* WHAT THE EXERCISE ASKS
Return a copy of every line in the data below that contains "Mechanical".

* RECORDS SUPPLIED

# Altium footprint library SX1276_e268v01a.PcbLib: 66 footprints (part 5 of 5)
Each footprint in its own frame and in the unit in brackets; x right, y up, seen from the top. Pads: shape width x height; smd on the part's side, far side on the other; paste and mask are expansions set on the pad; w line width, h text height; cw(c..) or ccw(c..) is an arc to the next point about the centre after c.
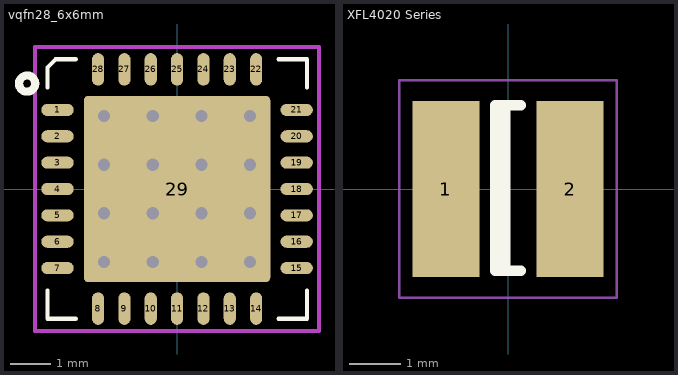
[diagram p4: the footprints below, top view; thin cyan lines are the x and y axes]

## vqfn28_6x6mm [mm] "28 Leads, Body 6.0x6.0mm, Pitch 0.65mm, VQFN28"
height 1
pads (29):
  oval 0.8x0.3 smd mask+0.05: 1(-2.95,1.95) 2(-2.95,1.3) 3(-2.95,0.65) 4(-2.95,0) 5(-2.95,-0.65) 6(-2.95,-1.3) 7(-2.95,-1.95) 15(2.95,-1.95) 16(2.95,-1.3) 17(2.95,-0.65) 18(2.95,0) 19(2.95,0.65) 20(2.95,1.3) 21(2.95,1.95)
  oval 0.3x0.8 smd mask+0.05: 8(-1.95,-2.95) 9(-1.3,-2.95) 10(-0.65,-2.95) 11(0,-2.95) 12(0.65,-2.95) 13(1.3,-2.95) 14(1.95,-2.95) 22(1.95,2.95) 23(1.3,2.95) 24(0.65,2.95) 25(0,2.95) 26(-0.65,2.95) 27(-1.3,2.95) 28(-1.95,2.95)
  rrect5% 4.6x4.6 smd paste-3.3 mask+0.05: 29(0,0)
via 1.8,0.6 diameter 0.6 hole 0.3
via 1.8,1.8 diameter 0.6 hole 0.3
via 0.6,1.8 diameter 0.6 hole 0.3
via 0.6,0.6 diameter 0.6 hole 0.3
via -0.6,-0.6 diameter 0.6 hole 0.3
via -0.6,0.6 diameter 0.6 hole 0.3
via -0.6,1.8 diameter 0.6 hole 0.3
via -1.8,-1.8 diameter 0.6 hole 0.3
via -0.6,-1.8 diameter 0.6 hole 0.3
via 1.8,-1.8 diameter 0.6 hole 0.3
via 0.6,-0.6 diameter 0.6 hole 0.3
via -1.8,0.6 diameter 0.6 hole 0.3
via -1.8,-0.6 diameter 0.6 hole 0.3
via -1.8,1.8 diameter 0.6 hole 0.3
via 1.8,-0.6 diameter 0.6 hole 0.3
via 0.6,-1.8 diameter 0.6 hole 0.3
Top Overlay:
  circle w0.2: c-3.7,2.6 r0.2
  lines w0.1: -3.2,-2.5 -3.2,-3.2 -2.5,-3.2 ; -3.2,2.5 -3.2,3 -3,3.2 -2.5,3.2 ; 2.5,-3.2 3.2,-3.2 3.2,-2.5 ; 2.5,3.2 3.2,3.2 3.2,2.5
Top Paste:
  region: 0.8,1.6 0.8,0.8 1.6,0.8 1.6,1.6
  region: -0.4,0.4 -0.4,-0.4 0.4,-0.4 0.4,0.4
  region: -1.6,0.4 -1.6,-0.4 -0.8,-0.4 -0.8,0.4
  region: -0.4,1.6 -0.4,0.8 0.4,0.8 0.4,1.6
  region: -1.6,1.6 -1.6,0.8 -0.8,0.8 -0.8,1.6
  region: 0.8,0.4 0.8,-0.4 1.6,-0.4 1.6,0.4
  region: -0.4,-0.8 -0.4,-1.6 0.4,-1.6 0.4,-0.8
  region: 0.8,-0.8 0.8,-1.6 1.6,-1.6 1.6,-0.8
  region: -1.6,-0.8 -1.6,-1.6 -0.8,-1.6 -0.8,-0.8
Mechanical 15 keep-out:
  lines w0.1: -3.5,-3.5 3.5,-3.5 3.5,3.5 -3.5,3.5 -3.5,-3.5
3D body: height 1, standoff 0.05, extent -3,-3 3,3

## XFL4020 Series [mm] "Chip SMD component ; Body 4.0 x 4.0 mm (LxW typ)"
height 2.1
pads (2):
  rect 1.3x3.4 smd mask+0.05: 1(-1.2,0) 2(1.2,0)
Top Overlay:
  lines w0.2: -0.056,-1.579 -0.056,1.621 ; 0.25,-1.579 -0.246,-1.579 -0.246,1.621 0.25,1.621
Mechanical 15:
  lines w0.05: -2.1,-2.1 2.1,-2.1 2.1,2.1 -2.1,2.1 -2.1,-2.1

* SOLUTION TO THE EXERCISE
Mechanical 15 keep-out:
Mechanical 15:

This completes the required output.